By the time I was second in line, I really wasn't feeling right. I was shifting nervously from foot to foot, anxious fill my belly with food, in hopes that it would make me feel normal. I lifted my left hand to pull out an eyelash, but caught myself midway. I firmly crossed my arms and tried to concentrate on not picking at myself.

The girl in front of me sure seemed to be taking her time. The cashier had asked her if she wanted anything else with her wrap and cookie, and I saw her eyeing the baklava, which was on display in a glass dome dish.

I also looked at the baklava with desire in my eyes. Except, when I thought about it, I realized that I didn't want the baklava for myself. I wanted the girl in front of me to eat it. No, I needed her to eat it. I needed her to eat it more desperately than I needed to eat a falafel wrap, the idea of which I had been slobbering over only a moment ago.

Without really thinking about what I was doing, I scooted forward, toward the girl. She was too focused on the baklava to notice the crazed need in my eyes. Then, I suddenly composed myself. I leaned onto my elbow on the counter and smiled at the girl. "Erm, hi," I said, managing to undo the cool composure that I'd been going for.

She looked at me, confused, probably wondering why the hell I was talking to her while she was trying to order food.
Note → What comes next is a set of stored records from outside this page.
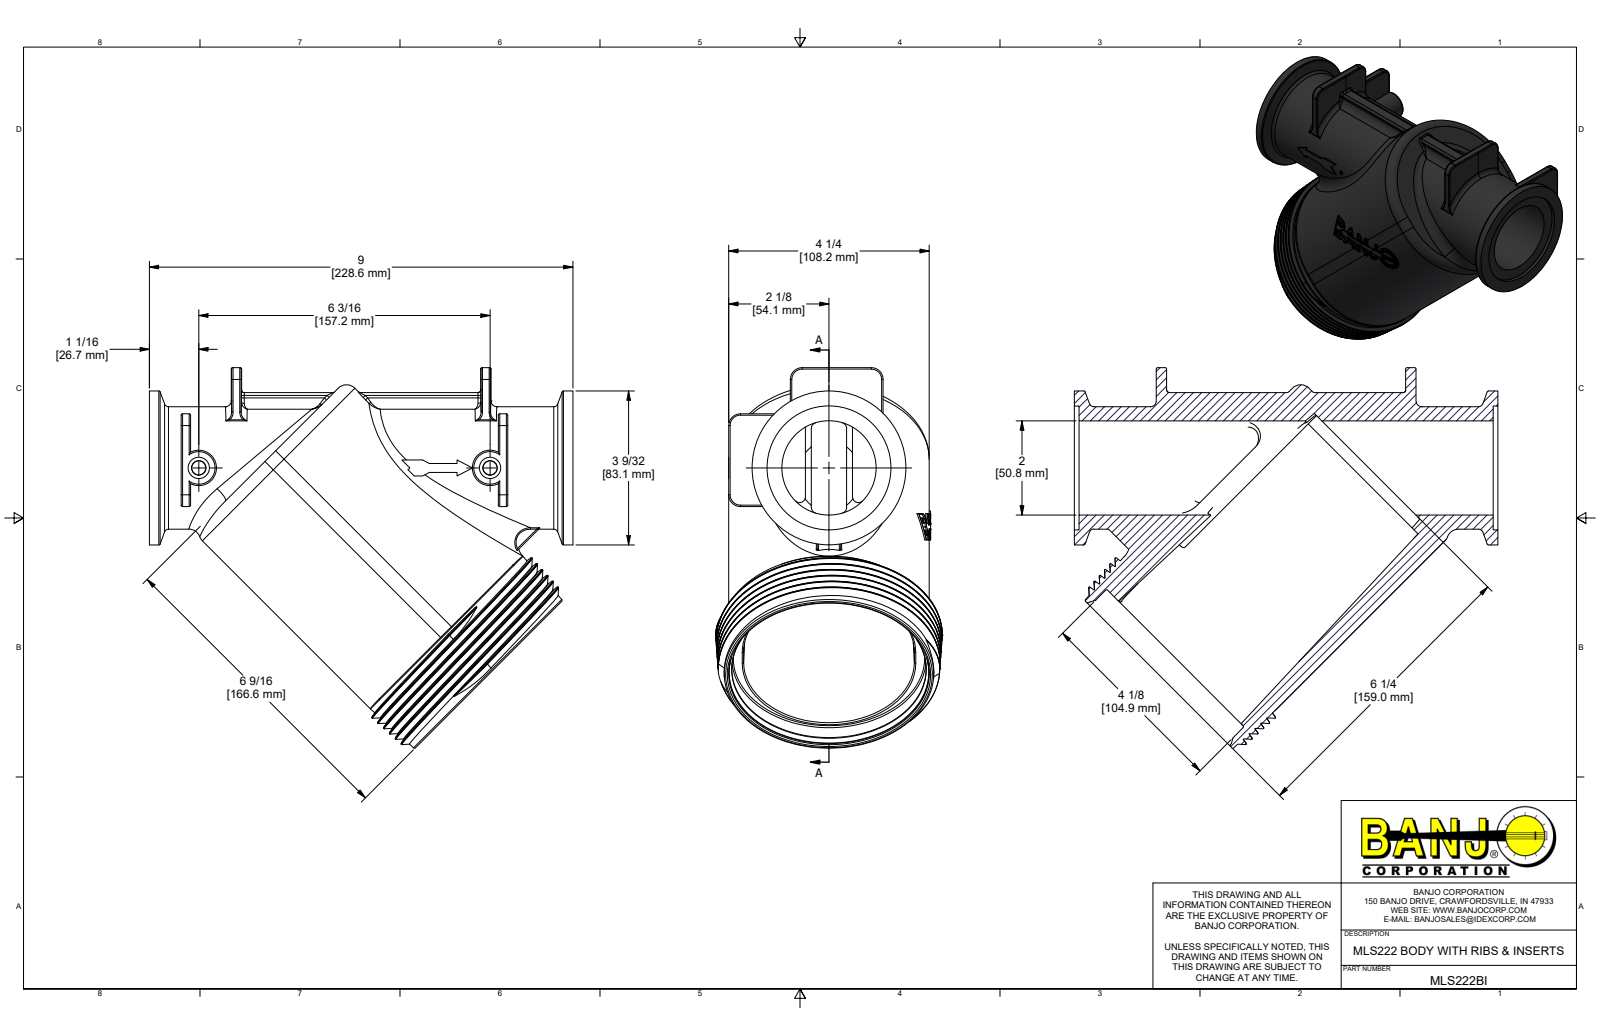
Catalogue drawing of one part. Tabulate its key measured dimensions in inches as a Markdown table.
| quantity | value |
| --- | --- |
| part name | MLS222BI; MLS222B; V25022 |
| STEP written by | Autodesk Inventor 2022 (AUTOMOTIVE_DESIGN) |
| units | inches |
| bodies | 3 solids, 670 faces (295 planar, 180 cylindrical, 195 other) |
| overall size | 9 × 8.081 × 4.815 |
| volume | 51.75 in³ |
| surface area | 314.3 in² |
| round holes (diameter × count) | 0.295 × 2, 0.307 × 2, 0.454 × 1, 0.641 × 1, 2 × 1, 2.63 × 1, 4.13 × 1 |
| round bosses / shafts (diameter × count) | 0.5 × 2, 0.455 × 2, 3.27 × 1, 2.6 × 1, 0.675 × 1 |
| partial cylindrical surfaces (radius × count) | 0.03 × 40, 0.06 × 12, 0.25 × 8, 0.125 × 6, 0.02 × 2, 0.039 × 2, 0.056 × 2, 0.1 × 2 |
| main face-to-face distances | 0.1, 8.9, 0.3, 9, 5.3, 0.2, 6.74, 8.8, 1.755, 2.505 |
| hole center spacings | 2.522, 4.191, 6.19 |
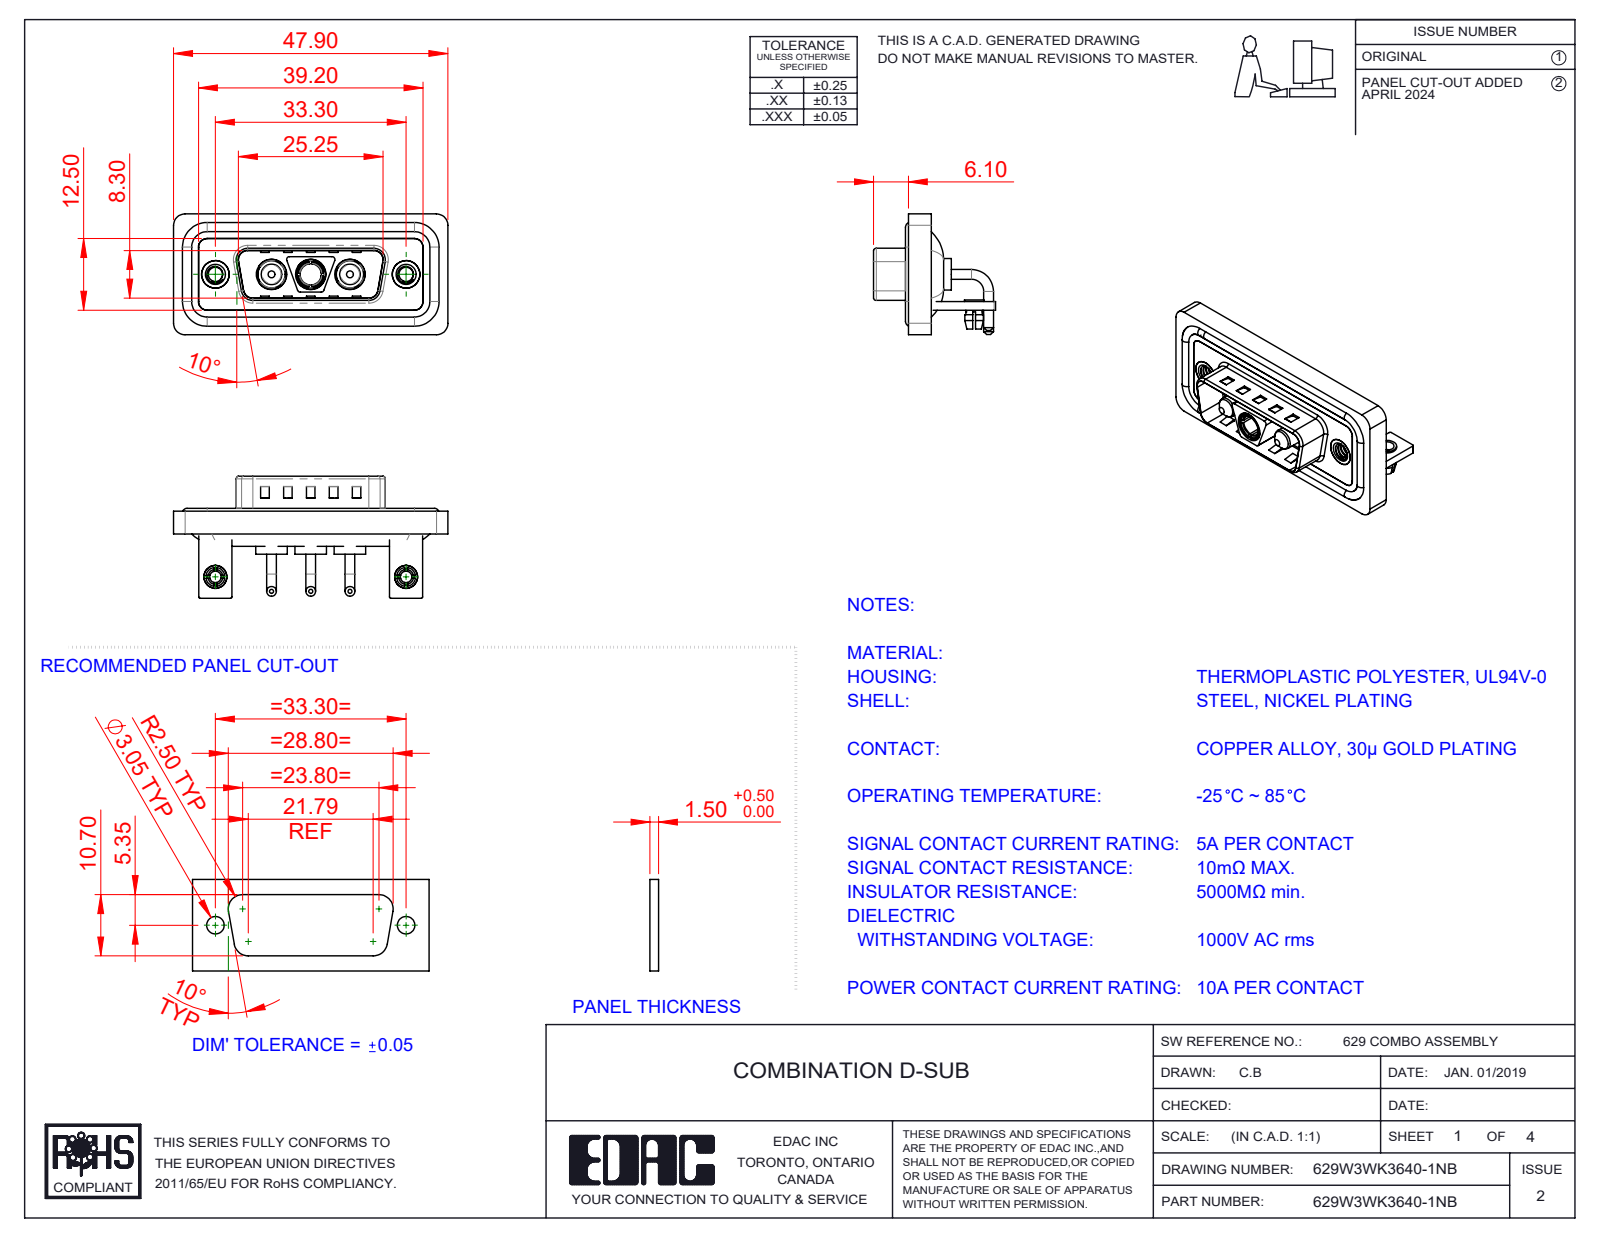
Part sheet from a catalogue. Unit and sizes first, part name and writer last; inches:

I pushed forward. "So I saw you eyeing the baklava."

"Do you want it? I don't need it. You can have it if you want." She still looked confused because there were three pieces left in the glass dome.

This was definitely not going well. "No, no, I'm good!" I quickly said, before she made up her mind to not get any. "It's just that you looked like you were having trouble deciding, so I thought I would help you."